**INPUT FOR THIS TASK:**
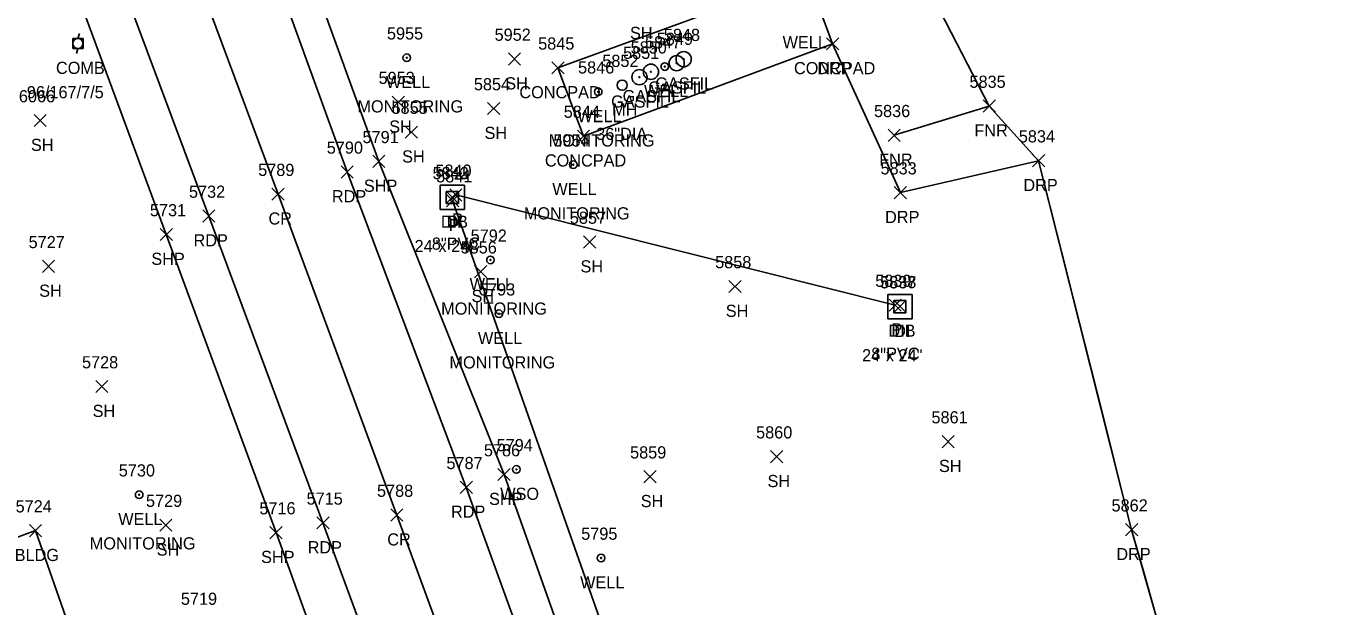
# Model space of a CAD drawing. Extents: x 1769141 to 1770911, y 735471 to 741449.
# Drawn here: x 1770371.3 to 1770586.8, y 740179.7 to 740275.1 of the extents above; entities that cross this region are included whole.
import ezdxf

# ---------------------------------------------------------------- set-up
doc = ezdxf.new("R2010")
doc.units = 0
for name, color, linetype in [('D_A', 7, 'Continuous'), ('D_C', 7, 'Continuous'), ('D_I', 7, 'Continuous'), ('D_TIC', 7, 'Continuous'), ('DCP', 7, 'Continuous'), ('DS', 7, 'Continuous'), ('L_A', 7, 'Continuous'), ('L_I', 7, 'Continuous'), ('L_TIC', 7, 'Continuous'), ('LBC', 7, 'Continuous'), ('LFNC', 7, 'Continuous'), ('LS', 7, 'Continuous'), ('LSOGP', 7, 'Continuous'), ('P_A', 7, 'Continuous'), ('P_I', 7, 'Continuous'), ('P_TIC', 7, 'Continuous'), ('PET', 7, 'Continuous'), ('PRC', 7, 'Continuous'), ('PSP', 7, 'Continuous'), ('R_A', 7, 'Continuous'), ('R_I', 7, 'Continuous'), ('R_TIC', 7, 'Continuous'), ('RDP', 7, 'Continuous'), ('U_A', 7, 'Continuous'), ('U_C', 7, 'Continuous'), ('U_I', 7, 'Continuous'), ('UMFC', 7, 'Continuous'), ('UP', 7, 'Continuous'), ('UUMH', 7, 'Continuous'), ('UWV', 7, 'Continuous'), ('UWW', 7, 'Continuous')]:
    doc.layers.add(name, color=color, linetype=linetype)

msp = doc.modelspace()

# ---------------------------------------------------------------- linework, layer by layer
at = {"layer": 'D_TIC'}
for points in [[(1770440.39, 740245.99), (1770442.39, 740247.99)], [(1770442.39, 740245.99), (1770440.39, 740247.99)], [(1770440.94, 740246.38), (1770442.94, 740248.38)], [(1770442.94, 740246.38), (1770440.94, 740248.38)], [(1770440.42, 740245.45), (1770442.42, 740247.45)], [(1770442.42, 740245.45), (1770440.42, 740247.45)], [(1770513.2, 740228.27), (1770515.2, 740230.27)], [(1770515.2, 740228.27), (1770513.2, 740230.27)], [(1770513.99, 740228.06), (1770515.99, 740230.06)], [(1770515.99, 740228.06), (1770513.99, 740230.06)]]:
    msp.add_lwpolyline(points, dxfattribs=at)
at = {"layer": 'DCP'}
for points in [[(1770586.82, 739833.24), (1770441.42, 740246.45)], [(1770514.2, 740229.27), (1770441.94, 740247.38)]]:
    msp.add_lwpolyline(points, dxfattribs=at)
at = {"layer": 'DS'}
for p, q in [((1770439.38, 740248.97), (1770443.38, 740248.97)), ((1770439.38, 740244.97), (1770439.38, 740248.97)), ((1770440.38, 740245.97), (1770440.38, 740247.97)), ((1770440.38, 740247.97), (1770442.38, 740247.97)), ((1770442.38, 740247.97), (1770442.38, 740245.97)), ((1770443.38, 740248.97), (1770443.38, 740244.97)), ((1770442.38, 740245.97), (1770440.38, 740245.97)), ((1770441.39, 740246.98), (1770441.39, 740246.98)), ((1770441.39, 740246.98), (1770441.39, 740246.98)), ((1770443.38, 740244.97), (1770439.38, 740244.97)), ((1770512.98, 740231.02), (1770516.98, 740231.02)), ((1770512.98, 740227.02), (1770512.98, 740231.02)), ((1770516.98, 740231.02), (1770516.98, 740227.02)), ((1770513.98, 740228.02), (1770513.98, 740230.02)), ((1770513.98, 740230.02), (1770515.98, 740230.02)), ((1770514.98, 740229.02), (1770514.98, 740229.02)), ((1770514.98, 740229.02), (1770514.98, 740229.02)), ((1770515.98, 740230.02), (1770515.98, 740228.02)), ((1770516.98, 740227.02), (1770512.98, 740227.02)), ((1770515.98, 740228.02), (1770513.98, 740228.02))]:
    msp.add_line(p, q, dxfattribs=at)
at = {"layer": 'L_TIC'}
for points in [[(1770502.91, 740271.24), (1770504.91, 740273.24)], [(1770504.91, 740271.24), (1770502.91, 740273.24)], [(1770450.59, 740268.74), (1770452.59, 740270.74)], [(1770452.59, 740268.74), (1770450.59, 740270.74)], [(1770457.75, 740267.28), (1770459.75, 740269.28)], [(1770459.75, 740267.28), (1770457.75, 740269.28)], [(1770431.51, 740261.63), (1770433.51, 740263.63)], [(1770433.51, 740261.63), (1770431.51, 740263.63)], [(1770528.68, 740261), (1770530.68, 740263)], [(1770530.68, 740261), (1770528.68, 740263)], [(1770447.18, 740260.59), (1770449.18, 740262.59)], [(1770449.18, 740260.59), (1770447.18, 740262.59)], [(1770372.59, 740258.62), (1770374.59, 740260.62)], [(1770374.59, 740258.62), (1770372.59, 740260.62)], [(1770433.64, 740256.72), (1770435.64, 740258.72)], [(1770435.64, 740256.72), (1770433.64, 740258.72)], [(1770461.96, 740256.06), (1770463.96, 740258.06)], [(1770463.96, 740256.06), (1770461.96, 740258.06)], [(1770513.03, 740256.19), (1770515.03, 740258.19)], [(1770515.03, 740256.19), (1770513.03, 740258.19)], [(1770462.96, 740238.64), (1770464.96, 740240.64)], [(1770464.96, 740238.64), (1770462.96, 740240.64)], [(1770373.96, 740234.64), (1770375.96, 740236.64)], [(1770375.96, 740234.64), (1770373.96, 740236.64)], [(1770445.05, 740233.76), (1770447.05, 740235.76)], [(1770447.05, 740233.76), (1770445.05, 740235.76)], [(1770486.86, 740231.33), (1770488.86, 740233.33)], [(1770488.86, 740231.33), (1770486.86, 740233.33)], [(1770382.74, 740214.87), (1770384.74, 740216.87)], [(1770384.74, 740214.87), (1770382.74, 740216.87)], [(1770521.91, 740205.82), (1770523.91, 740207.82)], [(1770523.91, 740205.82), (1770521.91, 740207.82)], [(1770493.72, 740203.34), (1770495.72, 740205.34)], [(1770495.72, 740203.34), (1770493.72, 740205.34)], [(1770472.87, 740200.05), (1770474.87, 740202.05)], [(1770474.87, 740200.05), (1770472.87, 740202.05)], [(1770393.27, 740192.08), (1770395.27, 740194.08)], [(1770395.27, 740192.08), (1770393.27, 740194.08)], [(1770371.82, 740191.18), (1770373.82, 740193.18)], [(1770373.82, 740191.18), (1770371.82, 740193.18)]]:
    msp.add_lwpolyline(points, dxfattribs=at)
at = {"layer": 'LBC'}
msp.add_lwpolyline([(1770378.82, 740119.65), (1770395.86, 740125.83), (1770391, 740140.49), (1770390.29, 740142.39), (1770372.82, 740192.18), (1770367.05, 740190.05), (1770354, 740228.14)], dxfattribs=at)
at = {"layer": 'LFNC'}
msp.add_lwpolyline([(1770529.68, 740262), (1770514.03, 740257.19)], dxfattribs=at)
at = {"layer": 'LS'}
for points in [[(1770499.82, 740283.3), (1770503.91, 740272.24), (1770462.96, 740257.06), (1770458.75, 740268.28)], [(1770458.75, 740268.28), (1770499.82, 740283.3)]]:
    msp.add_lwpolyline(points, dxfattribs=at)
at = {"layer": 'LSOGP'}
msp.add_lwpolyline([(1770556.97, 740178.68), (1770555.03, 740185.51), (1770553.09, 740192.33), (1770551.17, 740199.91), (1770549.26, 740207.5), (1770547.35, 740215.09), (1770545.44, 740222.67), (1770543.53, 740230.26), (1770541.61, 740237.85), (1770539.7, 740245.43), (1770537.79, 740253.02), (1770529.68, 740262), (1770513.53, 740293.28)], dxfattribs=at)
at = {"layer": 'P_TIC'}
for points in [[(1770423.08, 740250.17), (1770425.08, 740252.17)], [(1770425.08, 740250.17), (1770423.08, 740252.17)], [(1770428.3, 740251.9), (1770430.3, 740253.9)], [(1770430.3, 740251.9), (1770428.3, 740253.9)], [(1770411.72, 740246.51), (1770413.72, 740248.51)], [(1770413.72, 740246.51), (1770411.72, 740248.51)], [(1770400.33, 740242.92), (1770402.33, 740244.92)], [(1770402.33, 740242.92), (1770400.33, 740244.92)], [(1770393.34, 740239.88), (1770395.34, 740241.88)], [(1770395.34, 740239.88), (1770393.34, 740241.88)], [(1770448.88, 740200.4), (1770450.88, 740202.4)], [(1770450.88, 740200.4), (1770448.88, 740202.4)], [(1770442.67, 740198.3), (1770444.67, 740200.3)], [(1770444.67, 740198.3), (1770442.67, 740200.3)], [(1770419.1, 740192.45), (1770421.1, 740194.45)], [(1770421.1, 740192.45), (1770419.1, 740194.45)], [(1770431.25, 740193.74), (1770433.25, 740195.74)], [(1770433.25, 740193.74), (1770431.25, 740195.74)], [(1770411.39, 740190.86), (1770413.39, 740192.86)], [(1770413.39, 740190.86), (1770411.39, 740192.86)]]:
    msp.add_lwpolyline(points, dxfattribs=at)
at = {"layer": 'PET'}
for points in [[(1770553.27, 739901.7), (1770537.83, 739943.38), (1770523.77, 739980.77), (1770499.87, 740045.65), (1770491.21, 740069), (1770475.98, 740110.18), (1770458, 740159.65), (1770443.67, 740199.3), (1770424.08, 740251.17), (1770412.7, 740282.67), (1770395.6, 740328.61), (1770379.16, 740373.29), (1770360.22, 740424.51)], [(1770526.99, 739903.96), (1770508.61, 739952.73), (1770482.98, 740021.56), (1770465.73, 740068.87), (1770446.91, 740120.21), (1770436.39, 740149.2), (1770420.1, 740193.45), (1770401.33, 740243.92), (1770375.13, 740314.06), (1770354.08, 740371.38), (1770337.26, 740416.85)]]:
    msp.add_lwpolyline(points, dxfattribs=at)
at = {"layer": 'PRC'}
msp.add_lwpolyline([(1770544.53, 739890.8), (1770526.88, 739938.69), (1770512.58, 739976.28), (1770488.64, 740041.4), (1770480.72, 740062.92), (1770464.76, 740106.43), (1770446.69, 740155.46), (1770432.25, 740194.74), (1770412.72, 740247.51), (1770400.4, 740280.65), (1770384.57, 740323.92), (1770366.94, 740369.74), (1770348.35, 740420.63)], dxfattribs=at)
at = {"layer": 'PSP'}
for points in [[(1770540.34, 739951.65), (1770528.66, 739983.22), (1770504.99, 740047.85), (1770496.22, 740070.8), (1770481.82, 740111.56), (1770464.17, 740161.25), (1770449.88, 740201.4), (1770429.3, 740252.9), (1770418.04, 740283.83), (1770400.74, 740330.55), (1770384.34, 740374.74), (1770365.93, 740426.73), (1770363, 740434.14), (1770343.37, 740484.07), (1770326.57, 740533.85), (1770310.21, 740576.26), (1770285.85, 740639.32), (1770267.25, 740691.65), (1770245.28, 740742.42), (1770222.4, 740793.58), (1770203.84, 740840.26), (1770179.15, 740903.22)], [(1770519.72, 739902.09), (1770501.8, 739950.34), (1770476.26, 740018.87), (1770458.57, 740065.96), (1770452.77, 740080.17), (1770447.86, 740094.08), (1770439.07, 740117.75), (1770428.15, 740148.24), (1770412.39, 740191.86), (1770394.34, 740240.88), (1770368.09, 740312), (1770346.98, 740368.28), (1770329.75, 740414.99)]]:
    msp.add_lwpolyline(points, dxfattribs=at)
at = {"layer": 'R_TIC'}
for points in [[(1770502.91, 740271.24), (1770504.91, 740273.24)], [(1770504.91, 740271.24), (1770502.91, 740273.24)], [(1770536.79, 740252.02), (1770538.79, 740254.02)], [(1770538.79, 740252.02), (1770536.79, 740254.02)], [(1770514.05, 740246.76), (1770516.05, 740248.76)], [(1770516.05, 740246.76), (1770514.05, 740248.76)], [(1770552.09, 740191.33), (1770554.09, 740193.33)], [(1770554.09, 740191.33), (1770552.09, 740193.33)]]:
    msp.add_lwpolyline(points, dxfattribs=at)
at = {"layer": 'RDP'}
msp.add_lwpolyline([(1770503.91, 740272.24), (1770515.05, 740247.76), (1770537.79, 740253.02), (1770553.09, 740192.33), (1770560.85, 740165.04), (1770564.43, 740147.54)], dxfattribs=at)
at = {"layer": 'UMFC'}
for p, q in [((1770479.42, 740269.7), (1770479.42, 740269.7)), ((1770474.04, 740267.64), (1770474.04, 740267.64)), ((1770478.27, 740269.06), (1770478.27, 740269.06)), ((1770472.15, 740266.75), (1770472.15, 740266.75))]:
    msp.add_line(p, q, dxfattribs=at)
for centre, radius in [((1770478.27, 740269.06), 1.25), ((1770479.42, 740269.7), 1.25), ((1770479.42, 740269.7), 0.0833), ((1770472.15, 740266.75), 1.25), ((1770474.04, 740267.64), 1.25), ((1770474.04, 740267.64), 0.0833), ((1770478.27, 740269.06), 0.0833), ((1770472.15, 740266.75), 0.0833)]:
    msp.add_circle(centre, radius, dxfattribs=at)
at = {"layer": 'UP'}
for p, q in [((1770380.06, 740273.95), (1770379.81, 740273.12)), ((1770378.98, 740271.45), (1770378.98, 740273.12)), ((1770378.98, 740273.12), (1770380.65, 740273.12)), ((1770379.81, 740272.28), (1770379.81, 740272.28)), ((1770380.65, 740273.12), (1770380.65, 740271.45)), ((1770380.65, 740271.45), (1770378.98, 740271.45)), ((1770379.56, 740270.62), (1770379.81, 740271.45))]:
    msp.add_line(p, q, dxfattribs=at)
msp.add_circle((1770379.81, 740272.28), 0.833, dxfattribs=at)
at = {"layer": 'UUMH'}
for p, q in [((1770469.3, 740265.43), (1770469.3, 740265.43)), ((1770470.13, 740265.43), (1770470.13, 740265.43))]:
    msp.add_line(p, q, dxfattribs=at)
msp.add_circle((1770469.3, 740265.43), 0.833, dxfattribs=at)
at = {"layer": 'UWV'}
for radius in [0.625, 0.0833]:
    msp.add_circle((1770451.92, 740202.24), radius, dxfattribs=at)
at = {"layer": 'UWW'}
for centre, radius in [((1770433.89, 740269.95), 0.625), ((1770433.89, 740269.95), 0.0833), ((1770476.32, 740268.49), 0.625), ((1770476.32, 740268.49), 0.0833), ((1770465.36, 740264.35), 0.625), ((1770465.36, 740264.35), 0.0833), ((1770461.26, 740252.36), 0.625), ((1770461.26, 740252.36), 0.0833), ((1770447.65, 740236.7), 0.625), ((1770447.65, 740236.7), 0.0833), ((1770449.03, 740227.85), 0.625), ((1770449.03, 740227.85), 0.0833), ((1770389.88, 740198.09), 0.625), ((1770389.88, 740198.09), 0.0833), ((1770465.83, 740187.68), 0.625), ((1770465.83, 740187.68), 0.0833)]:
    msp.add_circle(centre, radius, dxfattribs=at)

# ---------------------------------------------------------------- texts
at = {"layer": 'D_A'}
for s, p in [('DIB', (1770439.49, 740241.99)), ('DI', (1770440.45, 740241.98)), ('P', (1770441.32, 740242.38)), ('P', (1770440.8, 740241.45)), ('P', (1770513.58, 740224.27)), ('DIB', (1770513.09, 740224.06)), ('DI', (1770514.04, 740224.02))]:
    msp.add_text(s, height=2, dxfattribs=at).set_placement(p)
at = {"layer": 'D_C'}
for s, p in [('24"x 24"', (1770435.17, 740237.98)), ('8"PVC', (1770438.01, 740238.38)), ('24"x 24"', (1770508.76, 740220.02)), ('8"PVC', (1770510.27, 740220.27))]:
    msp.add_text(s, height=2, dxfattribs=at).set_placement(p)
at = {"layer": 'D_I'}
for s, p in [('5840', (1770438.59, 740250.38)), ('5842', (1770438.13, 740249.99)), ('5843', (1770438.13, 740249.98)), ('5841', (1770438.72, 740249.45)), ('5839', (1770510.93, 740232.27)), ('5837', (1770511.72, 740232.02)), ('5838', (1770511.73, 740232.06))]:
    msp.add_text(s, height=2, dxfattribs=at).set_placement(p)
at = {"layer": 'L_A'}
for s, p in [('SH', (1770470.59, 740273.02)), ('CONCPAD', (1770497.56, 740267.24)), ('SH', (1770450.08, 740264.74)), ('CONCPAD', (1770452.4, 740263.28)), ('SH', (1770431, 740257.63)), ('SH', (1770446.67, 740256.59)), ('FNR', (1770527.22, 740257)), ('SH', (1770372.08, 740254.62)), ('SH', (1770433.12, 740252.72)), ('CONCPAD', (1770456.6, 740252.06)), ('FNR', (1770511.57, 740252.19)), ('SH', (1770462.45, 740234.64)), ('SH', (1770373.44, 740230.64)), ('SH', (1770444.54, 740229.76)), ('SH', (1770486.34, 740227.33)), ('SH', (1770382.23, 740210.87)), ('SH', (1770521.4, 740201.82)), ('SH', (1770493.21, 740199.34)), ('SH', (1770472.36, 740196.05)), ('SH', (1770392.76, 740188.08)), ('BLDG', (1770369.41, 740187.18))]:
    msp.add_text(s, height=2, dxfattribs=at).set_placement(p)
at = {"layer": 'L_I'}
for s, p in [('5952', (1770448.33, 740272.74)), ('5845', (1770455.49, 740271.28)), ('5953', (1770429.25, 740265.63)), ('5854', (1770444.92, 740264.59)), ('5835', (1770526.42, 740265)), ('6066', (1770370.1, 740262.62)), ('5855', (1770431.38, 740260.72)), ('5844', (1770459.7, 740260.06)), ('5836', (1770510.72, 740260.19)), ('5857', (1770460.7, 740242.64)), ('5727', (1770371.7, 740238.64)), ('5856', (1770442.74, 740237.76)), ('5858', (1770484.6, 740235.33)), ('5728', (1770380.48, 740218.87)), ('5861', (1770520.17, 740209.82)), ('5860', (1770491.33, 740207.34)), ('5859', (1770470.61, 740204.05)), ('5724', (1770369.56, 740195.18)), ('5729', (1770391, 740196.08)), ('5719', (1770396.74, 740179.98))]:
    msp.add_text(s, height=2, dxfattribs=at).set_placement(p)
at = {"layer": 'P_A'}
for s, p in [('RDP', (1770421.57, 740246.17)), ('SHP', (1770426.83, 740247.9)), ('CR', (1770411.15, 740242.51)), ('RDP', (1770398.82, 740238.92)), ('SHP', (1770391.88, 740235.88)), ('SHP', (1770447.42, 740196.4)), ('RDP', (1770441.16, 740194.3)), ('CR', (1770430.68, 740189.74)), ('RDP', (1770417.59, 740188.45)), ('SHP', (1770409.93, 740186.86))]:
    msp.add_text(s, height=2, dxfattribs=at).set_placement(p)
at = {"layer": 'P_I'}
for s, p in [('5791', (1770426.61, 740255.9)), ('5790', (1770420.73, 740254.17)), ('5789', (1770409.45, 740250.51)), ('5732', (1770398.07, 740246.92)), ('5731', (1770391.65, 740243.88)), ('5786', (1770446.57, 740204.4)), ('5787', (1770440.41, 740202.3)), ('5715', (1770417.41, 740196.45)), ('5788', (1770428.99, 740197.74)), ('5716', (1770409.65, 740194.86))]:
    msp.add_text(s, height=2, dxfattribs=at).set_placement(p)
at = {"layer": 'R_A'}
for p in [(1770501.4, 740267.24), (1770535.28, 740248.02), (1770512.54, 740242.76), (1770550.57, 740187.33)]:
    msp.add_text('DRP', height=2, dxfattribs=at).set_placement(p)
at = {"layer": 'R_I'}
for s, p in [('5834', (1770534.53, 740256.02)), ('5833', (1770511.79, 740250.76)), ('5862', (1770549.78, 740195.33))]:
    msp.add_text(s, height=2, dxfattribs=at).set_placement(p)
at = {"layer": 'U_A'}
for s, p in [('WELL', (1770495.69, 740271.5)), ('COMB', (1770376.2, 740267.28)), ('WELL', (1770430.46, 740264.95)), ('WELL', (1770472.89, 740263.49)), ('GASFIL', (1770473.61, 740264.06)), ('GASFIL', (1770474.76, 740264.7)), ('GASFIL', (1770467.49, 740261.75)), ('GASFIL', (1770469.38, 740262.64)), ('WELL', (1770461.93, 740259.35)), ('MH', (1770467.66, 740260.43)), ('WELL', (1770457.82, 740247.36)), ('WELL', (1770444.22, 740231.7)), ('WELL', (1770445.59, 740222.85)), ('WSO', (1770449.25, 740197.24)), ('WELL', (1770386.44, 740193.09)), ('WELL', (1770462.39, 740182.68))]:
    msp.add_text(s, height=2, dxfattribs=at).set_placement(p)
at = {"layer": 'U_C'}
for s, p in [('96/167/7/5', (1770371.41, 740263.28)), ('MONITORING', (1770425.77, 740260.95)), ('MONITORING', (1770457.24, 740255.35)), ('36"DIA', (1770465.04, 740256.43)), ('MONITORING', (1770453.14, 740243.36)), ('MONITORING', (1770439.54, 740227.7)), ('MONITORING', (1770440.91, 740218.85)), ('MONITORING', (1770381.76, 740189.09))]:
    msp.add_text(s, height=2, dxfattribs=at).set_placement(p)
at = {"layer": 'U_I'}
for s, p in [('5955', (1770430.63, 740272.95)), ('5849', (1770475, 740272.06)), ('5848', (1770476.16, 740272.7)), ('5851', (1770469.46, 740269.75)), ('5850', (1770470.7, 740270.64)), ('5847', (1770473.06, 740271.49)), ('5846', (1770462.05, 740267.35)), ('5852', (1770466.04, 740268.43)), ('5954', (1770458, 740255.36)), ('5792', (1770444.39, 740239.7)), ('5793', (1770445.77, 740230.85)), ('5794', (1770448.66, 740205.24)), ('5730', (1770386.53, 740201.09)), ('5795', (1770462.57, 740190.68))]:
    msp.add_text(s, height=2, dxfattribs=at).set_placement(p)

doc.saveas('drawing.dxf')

**YOUR TASK:** The response should hold only an exact retyping of the lines from the beginning of the data through the line containing "doc.units = 0", both ends kept, pictures omitted.

**WRITTEN RESPONSE:**
# Model space of a CAD drawing. Extents: x 1769141 to 1770911, y 735471 to 741449.
# Drawn here: x 1770371.3 to 1770586.8, y 740179.7 to 740275.1 of the extents above; entities that cross this region are included whole.
import ezdxf

# ---------------------------------------------------------------- set-up
doc = ezdxf.new("R2010")
doc.units = 0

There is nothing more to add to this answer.